Great bit of pedantry, congratulations. So, you can find the time to post about what you don't like but you can't find it to help out other owners and share ideas/technical help?

Forum use isn't just about chucking your tuppence worth in when something appears that you don't like and I don't really consider moaning to be commenting.

Of course, everyone is welcome to use the forum but the spirit of it is to be a two way thing.


----------



## Grimblin Gibbon (Jul 16, 2009)

TAZZMAXX said:


> Great bit of pedantry, congratulations. So, you can find the time to post about what you don't like but you can't find it to help out other owners and share ideas/technical help?
> 
> Forum use isn't just about chucking your tuppence worth in when something appears that you don't like and I don't really consider moaning to be commenting.
> 
> Of course, everyone is welcome to use the forum but the spirit of it is to be a two way thing.


I am sorry you may consider what I posted as moaning!
In future I will just sit and stew about an issue I feel needs addressing!

Sorry to care about the GTR community and the largest issue to hit it for so many years!!


----------



## Mookistar (Feb 5, 2004)

Grimblin Gibbon said:


> I am sorry you may consider what I posted as moaning!
> In future I will just sit and stew about an issue I feel needs addressing!
> 
> Sorry to care about the GTR community and the largest issue to hit it for so many years!!


We are getting bogged down here.

Here's the deal. There will be "at least" two clubs present at a range of events this year. Those clubs will have unique offerings, those clubs will suit different people.

BUT

At the clubs core is a love of all things GT-R. So, there is absolutely no reason why you can't all just get along.

As I've said, the split is good for the OC as it means it can move forward without distraction.


----------



## Grimblin Gibbon (Jul 16, 2009)

I have said my piece, and I hope cleared the air at least for me. :nervous:

At least it got me back on here again and my mind off the sodding GDPR BS i'm having to write!

Onwards and upwards!


----------



## TAZZMAXX (Mar 9, 2010)

Grimblin Gibbon said:


> At least it got me back on here again and my mind off the sodding GDPR BS i'm having to write!


That's the spirit!

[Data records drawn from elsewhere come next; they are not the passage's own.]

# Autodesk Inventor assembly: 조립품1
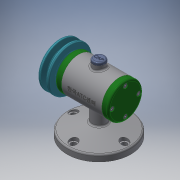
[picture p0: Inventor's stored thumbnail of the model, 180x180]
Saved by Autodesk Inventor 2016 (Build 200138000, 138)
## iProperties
Created: 2018-12
Part Number: 조립품1
Document SubType Name: Assembly
Designer: Administrator
Author: Administrator
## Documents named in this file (15)
- C:\Users\Administrator\Desktop\주재현\481208V1018\조립품1.iam
- C:\Users\Administrator\Desktop\주재현\481208V1018\부품1.ipt
- C:\Users\Administrator\Desktop\주재현\481208V1018\V벨트풀리.ipt
- C:\Users\Administrator\Desktop\주재현\481208V1018\축.ipt
- C:\Users\Administrator\Desktop\주재현\481208V1018\키 3 x 3 x 12.ipt
- C:\Users\Administrator\Desktop\주재현\481208V1018\너트 M8.ipt
- 너트 M8.ipt
- C:\Users\Administrator\Desktop\주재현\481208V1018\와셔 8x17.ipt
- C:\Users\Administrator\Desktop\주재현\481208V1018\스프링와셔 8.ipt
- C:\Users\Administrator\Desktop\주재현\481208V1018\베어링 15 x 32 x 9.ipt
- C:\Users\Administrator\Desktop\주재현\481208V1018\앞커버.ipt
- C:\Users\Administrator\Desktop\주재현\481208V1018\오일 실 15 25 7.ipt
- C:\Users\Administrator\Desktop\주재현\481208V1018\뒤커버.ipt
- C:\Users\Administrator\Desktop\주재현\481208V1018\볼트 M4 x 12.ipt
- C:\Users\Administrator\Desktop\주재현\481208V1018\고무캡.ipt
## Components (2 placed, 2 different names)
1. V벨트풀리:1
2. 고무캡:1
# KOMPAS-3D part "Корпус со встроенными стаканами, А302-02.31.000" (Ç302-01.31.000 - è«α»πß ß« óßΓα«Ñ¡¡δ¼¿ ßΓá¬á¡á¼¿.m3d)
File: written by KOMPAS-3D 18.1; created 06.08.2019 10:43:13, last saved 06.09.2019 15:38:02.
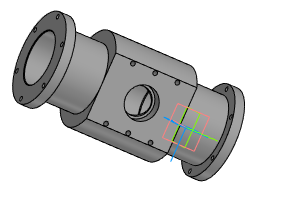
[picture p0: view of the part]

Document properties: Автор: Пользователь Windows; Полное имя файла: D:\Мембранные насосы\Мембранный электропривод\А302-00.00.000 - ASTRA-302 (МЭ200)\3Д ПВХ\А302-01.31.000 - Корпус со встроенными стаканами.m3d

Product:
- Part/product: Корпус со встроенными стаканами  | designation А302-02.31.000  | pos. 2
    Материал: Поливинилхлорид (density 1350 kg/m3)
    Масса: 3.18846
    source file: ..\Чертежи ПВХ\А302-02.31.000 - Корпус со встроенными стаканами.cdw, А302-02.00.000 - ASTRA-302 (МЭ200)\А302-02.31.000 - Корпус со встроенными стаканами.cdw
  - Body: (unnamed)
      Масса: 3.54993
  - Body: Тело 18
      Масса: 3.54993
  - Body: Тело 19
      Масса: 3.54993
- Part/product: Корпус со встроенными стаканами  | designation А302-01.31.000
    Материал: Поливинилхлорид (density 1350 kg/m3)
    Масса: 2.63451
- Part/product: Корпус со встроенными стаканами  | designation А302-03.31.000  | pos. 2
    Материал: Поливинилхлорид (density 1350 kg/m3)
    Масса: 2.60942
    source file: ..\..\А302-03.00.000 - ASTRA-302 (МЭ200)\А302-03.31.000 - Корпус со встроенными стаканами.cdw, ..\Чертежи Полипропилен\А302-03.31.000 - Корпус со встроенными стаканами.cdw
  - Body: Тело 19
      Масса: 3.54993
  - Body: Тело 18
      Масса: 3.54993
  - Body: (unnamed)
      Масса: 3.54993

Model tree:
1. Эскиз:2  (labels: А302-01.11.000 - Крышка рабочей камеры.a3d)
2. Элемент выдавливания:1
     Расстояние 1 = 225; Расстояние 2 = 10
3. Эскиз:8  (with: Элемент выдавливания:1)
4. Элемент выдавливания:3
     Расстояние 2 = 55
5. Эскиз:10  (with: Элемент выдавливания:1)
6. Элемент выдавливания:4
     Расстояние 2 = 55
7. Эскиз:12  (with: Элемент выдавливания:3)
8. Элемент выдавливания:5
     Расстояние 2 = 170
9. Эскиз:20  (with: Элемент выдавливания:1)
10. Элемент выдавливания:7
     Расстояние 2 = 225
11. Эскиз:22  (with: Элемент выдавливания:3, Элемент выдавливания:1)
12. Элемент выдавливания:8
     Расстояние 2 = 20
13. Эскиз:24  (with: Элемент выдавливания:4, Элемент выдавливания:8)
14. Элемент выдавливания:9
     Расстояние 1 = 20
15. Эскиз:26  (with: Элемент выдавливания:7)
16. Элемент выдавливания:10
     Расстояние 2 = 25
17. Эскиз:28  (with: Элемент выдавливания:10)
18. Элемент выдавливания:11  (labels: А302-01.11.000 - Крышка рабочей камеры.a3d)
     Расстояние 2 = 30
19. Эскиз:42  (with: Элемент выдавливания:1, Элемент выдавливания:3)
20. Элемент выдавливания:18
     Расстояние 2 = 15
21. Эскиз:48  (with: Элемент выдавливания:1, Операция вращения:1)
22. Элемент выдавливания:21
     Расстояние 2 = 15
23. Эскиз:50  (with: Элемент выдавливания:21, Элемент выдавливания:1)
24. Элемент выдавливания:22
     Расстояние 2 = 15
25. Эскиз:52  (with: Операция вращения:1, Элемент выдавливания:1)  (labels: А302-01.11.000 - Крышка рабочей камеры.a3d)
26. Элемент выдавливания:23
     Расстояние 2 = 15
27. Эскиз:54  (with: Элемент выдавливания:23, Элемент выдавливания:1)
28. Элемент выдавливания:24
     Расстояние 2 = 15
29. Эскиз:56  (with: Элемент выдавливания:1, Элемент выдавливания:18, Элемент выдавливания:22)
30. Элемент выдавливания:25
     Расстояние 2 = 15
31. Эскиз:62  (with: Элемент выдавливания:24, Элемент выдавливания:27)
32. Элемент выдавливания:29  (with: Элемент выдавливания:22)
     Расстояние 2 = 221
33. Элемент выдавливания:32  (with: Элемент выдавливания:24)
     Расстояние 2 = 21.5
34. Элемент выдавливания:33  (with: Элемент выдавливания:22)
     Расстояние 2 = 21.5
35. Элемент выдавливания:36  (with: Элемент выдавливания:32)
     Расстояние 1 = 10
36. Элемент выдавливания:37  (with: Элемент выдавливания:33)
     Расстояние 1 = 10
37. Фаска:1  (with: Элемент выдавливания:3, Элемент выдавливания:4)
     Угол = 45; Длина 1 = 1; Длина 2 = 1
38. Фаска:2  (with: Элемент выдавливания:5)
     Угол = 45; Длина 1 = 3; Длина 2 = 3
39. Эскиз:74  (labels: А302-01.11.000 - Крышка рабочей камеры.a3d)
40. Элемент выдавливания:39
     Расстояние 1 = 265
41. Эскиз:76  (with: Элемент выдавливания:39)
42. Эскиз:78  (with: Элемент выдавливания:1)  (labels: Труба PVC-U 50*3,7)
43. Фаска:6  (with: Элемент выдавливания:39)
     Угол = 15; Длина 1 = 3; Длина 2 = 0.803848
44. Эскиз:80  (with: Элемент выдавливания:39)
45. Элемент выдавливания:42
     Расстояние 2 = 15
46. Эскиз:82  (with: Элемент выдавливания:42)
47. Элемент выдавливания:43
     Расстояние 2 = 17
48. Фаска:7  (with: Элемент выдавливания:42)  (labels: А302-01.11.000 - Крышка рабочей камеры.a3d)
     Угол = 15; Длина 1 = 3; Длина 2 = 0.803848
49. Эскиз:84  (with: Элемент выдавливания:1)
50. Эскиз:86  (with: Элемент выдавливания:1, Элемент выдавливания:2)
51. Элемент выдавливания:45
     Расстояние 1 = 23
52. Эскиз:88  (with: Элемент выдавливания:45)
53. Элемент выдавливания:46
     Расстояние 2 = 28
54. Эскиз:99  (with: Элемент выдавливания:24, Элемент выдавливания:22)  (labels: А302-01.11.000 - Крышка рабочей камеры.a3d)
55. Элемент выдавливания:53
     Расстояние 1 = 70; Расстояние 2 = 70
56. Смещенная плоскость:1
     Расстояние = 145
57. Эскиз:106
58. Элемент выдавливания:57
     Расстояние 1 = 37.5333
59. Эскиз:115  (with: Элемент выдавливания:53)
60. Элемент выдавливания:60
     Расстояние 2 = 17
61. Эскиз:116  (with: Элемент выдавливания:53)
62. Элемент выдавливания:61
     Расстояние 2 = 121

Referenced files in D:\Мембранные насосы\Мембранный электропривод\А302-00.00.000 - ASTRA-302 (МЭ200)\3Д ПВХ\: А302-01.11.000 - Крышка рабочей камеры.a3d
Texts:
  Точка начала. Х
  Точка начала. Y
  Точка начала. Z
  Крышка рабочей камеры

Work doesn't always have to come first:thumbsup:


----------



## matt j (Oct 19, 2001)

So, will the GTRDC be running a TOTB team this year? opcorn:


----------



## ROG350Z (Jun 15, 2008)

matt j said:


> So, will the GTRDC be running a TOTB team this year? opcorn:



Are you volunteering to run it!? 


Sent from my iPhone using Tapatalk


----------



## Simonh (May 24, 2002)

ROG350Z said:


> Are you volunteering to run it!?
> 
> 
> Sent from my iPhone using Tapatalk


Watch out Matt!


----------



## matt j (Oct 19, 2001)

ROG350Z said:


> Are you volunteering to run it!?


I was merely making light of the situation tbh Rog. 

I doubt I could run it successfully from Iraq/Dubai anyway even though I have all the contacts required to do so. 
If I do get chance to have the time off, I'll most likely run as an individual entry again to stay away from the politics.
We've had far more *fun* running independently than within a team.


----------



## Mookistar (Feb 5, 2004)

matt j said:


> I was merely making light of the situation tbh Rog.
> 
> I doubt I could run it successfully from Iraq/Dubai anyway even though I have all the contacts required to do so.
> If I do get chance to have the time off, I'll most likely run as an individual entry again to stay away from the politics.
> We've had far more *fun* running independently than within a team.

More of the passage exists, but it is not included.